人群稍稍分开一些,像是从中剥出了一道清丽的身影,那女子肤白赛雪,眉如翠羽,齿如含贝,端是如雪里白梅般的美人,苗璎璎惊奇她是谁,那女子的目光也穿过人群,一眼瞥见了苗璎璎。

登时桑榆晚也是一诧,不禁多看了好几眼,才意会过来,这是太傅的嫡亲孙女,湘郡主之女,苗璎璎。

在看见苗璎璎之后,桑榆晚的目光又望向了身旁的四表哥,君知行没反应过来发生了什么,将向远之手里的一把金叶子抓了过来,塞到了桑榆晚手里,长眉上扬:说了不是我们家晚表妹的敌手,你偏要自讨没趣玩什么对书。
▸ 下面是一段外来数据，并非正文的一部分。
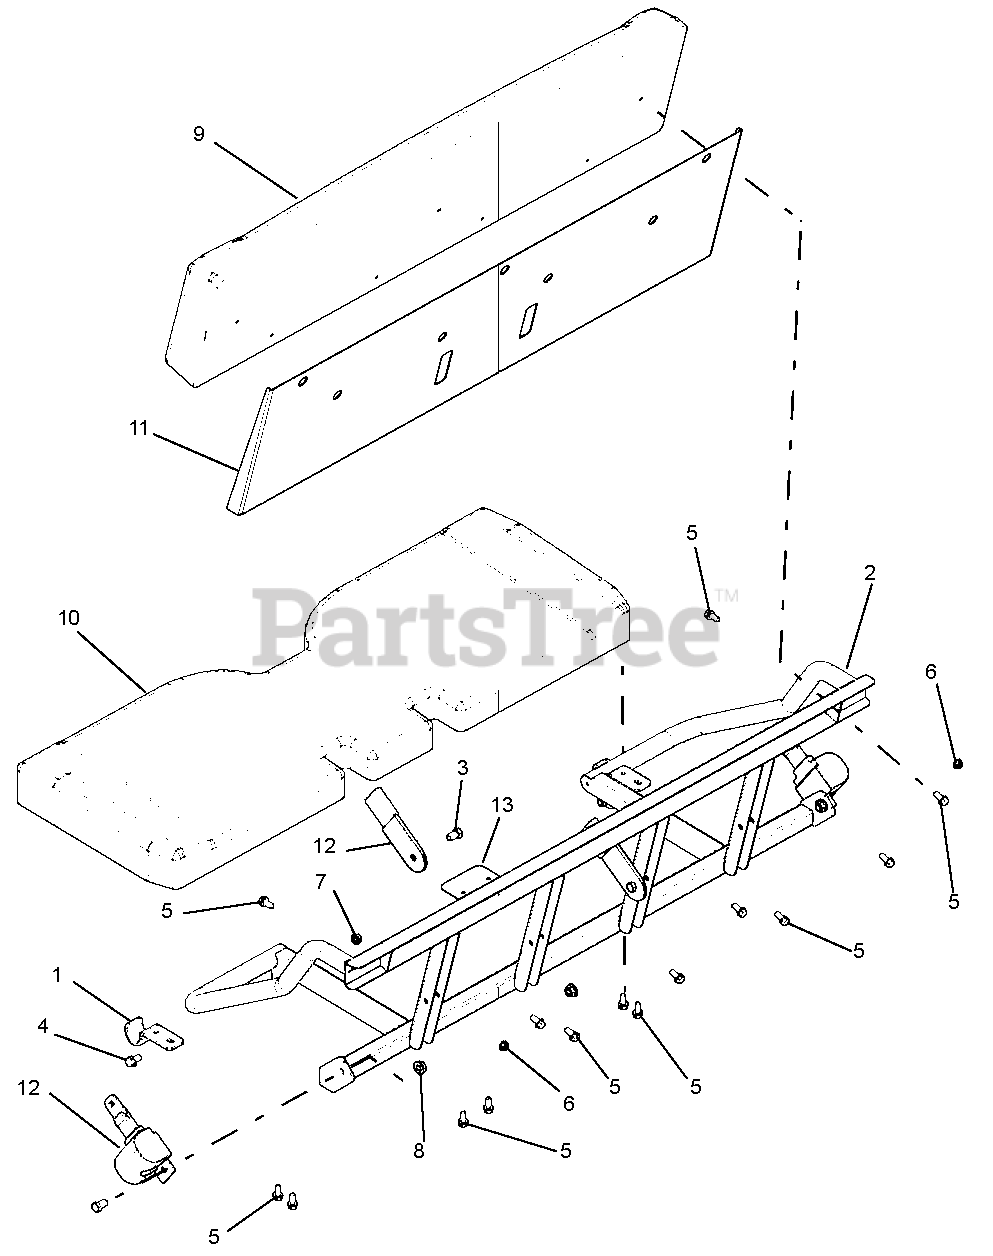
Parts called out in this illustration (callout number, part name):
1	SEAT PIVOT PLATE
2	BENCH SEAT WELDMENT
3	BOLT, HEX .44-14 X 1.00 GR5 YWZC
4	HFSS 3/8-16 X 3/4 LG
5	BOLT, SERRATED HEX FLANGE WASHER HEAD .312-18 x .75
6	NUT, LOCKING TOP FLANGE .312-18 YWZC
7	NUT, HEX TOP FLANGE LOCK .38-16 PLT YWZC
8	NUT, LOCKING TOP .437-14 GRC PL
9	BENCH SEAT BACK
10	BENCH SEAT BOTTOM
11	SEAT BACK PANEL
12	ASSEMBLY, SEATBELT
13	SEAT BOTTOM PLATE

声音不偏不倚,正飘入苗璎璎耳朵里,她的心蓦然漏掉一拍,可是上前一步,仔细看了个清楚,那正守在美人身旁鞍前马后,笑里逢迎的人,不是君知行是谁?

刹那间,那个黄昏下青墙边撩动人心的蜻蜓点水的吻,再次上脑。

旖旎成了愠怒,暧昧成了可笑。

苗璎璎直直地盯着那身影,甚至反复确认了一遍又一遍,那人是君知行而不是君至臻。她忽然打从心里嘲了一下,君至臻怎么可能对一个女子这样,不是该死的冤家又是谁!

她扭头就走,快步出了书斋讲学的晦明院。

慢着。

讨人厌的嘈杂声音消失在耳后,苗璎璎又被萧泠唤住,纤细清丽的眉目弯了一撇儿,苗璎璎回过头,嘴唇却轻轻嘟起来。

萧泠锄花兴致正高,看也没看她,将怀里的包袱抖了出来,一大把花瓣深陷入泥里。苗璎璎就在旁静静看着,萧泠也不怕脏,挽起衣袖将花瓣扫入土坑,重新加土掩埋,这空档回了苗璎璎一句话:有空擦亮眼睛。

苗璎璎道:什么意思?

萧泠笑了一下:你单纯,又眼瞎,我怕你为个不值得的人陷进去。

苗璎璎懊恼:你说谁瞎?

你啊,不是吗?萧泠啧啧道,放着大好男儿不挑,却喜欢一个个性风流的公子哥儿,苗璎璎,我哥为你操的心真的是白操了!

她扛起花锄,端上陶盆潇洒去了,留下苗璎璎一个人郁闷。

其实她也知道萧泠说的是谁,表兄,也很有可能不喜欢君知行那种做派,但,他们都不是她。苗璎璎自小和君知行一块儿长大,自问对他的了解比他们更深,他不是那种花心之人,最多,最多就是有点儿轻浮,如此而已。

可无论如何苗璎璎都说服不了自己,一个已经亲吻过她,占了她便宜的人,怎么能回头又去搭理其他的女子。

难道在他的心中,她的吻,只是他随口就讨来的一个玩笑吗?他就那么不尊重她吗?